[Records from a data collection]

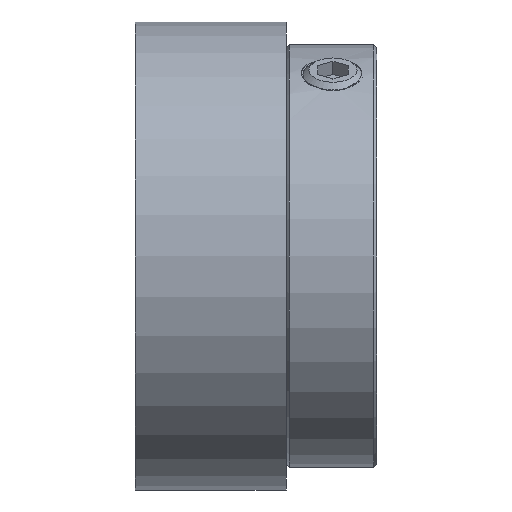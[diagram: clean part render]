
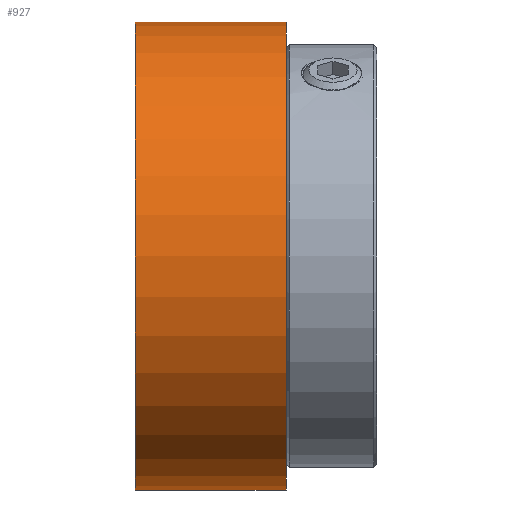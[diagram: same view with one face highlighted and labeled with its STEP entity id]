
A CAD part, front view. The second image highlights one B-rep face of the part: STEP entity #927.
In plain terms, the highlighted cylindrical face has radius 15.5 mm (diameter 31 mm), a full revolution.
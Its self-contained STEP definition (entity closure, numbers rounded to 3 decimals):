
#5 = CIRCLE ( 'NONE', #171, 15.5 ) ;
#118 = AXIS2_PLACEMENT_3D ( 'NONE', #751, #735, #754 ) ;
#171 = AXIS2_PLACEMENT_3D ( 'NONE', #1102, #1109, #1195 ) ;
#181 = EDGE_CURVE ( 'NONE', #425, #425, #866, .T. ) ;
#208 = AXIS2_PLACEMENT_3D ( 'NONE', #1291, #1497, #1421 ) ;
#296 = EDGE_CURVE ( 'NONE', #453, #453, #5, .T. ) ;
#380 = EDGE_LOOP ( 'NONE', ( #1592 ) ) ;
#416 = FACE_OUTER_BOUND ( 'NONE', #380, .T. ) ;
#421 = FACE_OUTER_BOUND ( 'NONE', #861, .T. ) ;
#423 = CYLINDRICAL_SURFACE ( 'NONE', #118, 15.5 ) ;
#425 = VERTEX_POINT ( 'NONE', #707 ) ;
#453 = VERTEX_POINT ( 'NONE', #1512 ) ;
#707 = CARTESIAN_POINT ( 'NONE',  ( 9.5, 0., -15.5 ) ) ;
#735 = DIRECTION ( 'NONE',  ( -1., 0., 0. ) ) ;
#751 = CARTESIAN_POINT ( 'NONE',  ( 9.5, 0., 0. ) ) ;
#754 = DIRECTION ( 'NONE',  ( 0., 0., 1. ) ) ;
#861 = EDGE_LOOP ( 'NONE', ( #1591 ) ) ;
#866 = CIRCLE ( 'NONE', #208, 15.5 ) ;
#927 = ADVANCED_FACE ( 'NONE', ( #416, #421 ), #423, .T. ) ;
#1102 = CARTESIAN_POINT ( 'NONE',  ( -0.5, 0., 0. ) ) ;
#1109 = DIRECTION ( 'NONE',  ( 1., 0., 0. ) ) ;
#1195 = DIRECTION ( 'NONE',  ( 0., 0., -1. ) ) ;
#1291 = CARTESIAN_POINT ( 'NONE',  ( 9.5, 0., 0. ) ) ;
#1421 = DIRECTION ( 'NONE',  ( 0., 0., -1. ) ) ;
#1497 = DIRECTION ( 'NONE',  ( 1., 0., 0. ) ) ;
#1512 = CARTESIAN_POINT ( 'NONE',  ( -0.5, 0., -15.5 ) ) ;
#1591 = ORIENTED_EDGE ( 'NONE', *, *, #296, .T. ) ;
#1592 = ORIENTED_EDGE ( 'NONE', *, *, #181, .F. ) ;

* Work instruction
Starting from the line that contains "#118 = AXIS2_PLACEMENT_3D", transcribe each line to the end of the records above. Please add nothing.

* Solution
#118 = AXIS2_PLACEMENT_3D ( 'NONE', #751, #735, #754 ) ;
#171 = AXIS2_PLACEMENT_3D ( 'NONE', #1102, #1109, #1195 ) ;
#181 = EDGE_CURVE ( 'NONE', #425, #425, #866, .T. ) ;
#208 = AXIS2_PLACEMENT_3D ( 'NONE', #1291, #1497, #1421 ) ;
#296 = EDGE_CURVE ( 'NONE', #453, #453, #5, .T. ) ;
#380 = EDGE_LOOP ( 'NONE', ( #1592 ) ) ;
#416 = FACE_OUTER_BOUND ( 'NONE', #380, .T. ) ;
#421 = FACE_OUTER_BOUND ( 'NONE', #861, .T. ) ;
#423 = CYLINDRICAL_SURFACE ( 'NONE', #118, 15.5 ) ;
#425 = VERTEX_POINT ( 'NONE', #707 ) ;
#453 = VERTEX_POINT ( 'NONE', #1512 ) ;
#707 = CARTESIAN_POINT ( 'NONE',  ( 9.5, 0., -15.5 ) ) ;
#735 = DIRECTION ( 'NONE',  ( -1., 0., 0. ) ) ;
#751 = CARTESIAN_POINT ( 'NONE',  ( 9.5, 0., 0. ) ) ;
#754 = DIRECTION ( 'NONE',  ( 0., 0., 1. ) ) ;
#861 = EDGE_LOOP ( 'NONE', ( #1591 ) ) ;
#866 = CIRCLE ( 'NONE', #208, 15.5 ) ;
#927 = ADVANCED_FACE ( 'NONE', ( #416, #421 ), #423, .T. ) ;
#1102 = CARTESIAN_POINT ( 'NONE',  ( -0.5, 0., 0. ) ) ;
#1109 = DIRECTION ( 'NONE',  ( 1., 0., 0. ) ) ;
#1195 = DIRECTION ( 'NONE',  ( 0., 0., -1. ) ) ;
#1291 = CARTESIAN_POINT ( 'NONE',  ( 9.5, 0., 0. ) ) ;
#1421 = DIRECTION ( 'NONE',  ( 0., 0., -1. ) ) ;
#1497 = DIRECTION ( 'NONE',  ( 1., 0., 0. ) ) ;
#1512 = CARTESIAN_POINT ( 'NONE',  ( -0.5, 0., -15.5 ) ) ;
#1591 = ORIENTED_EDGE ( 'NONE', *, *, #296, .T. ) ;
#1592 = ORIENTED_EDGE ( 'NONE', *, *, #181, .F. ) ;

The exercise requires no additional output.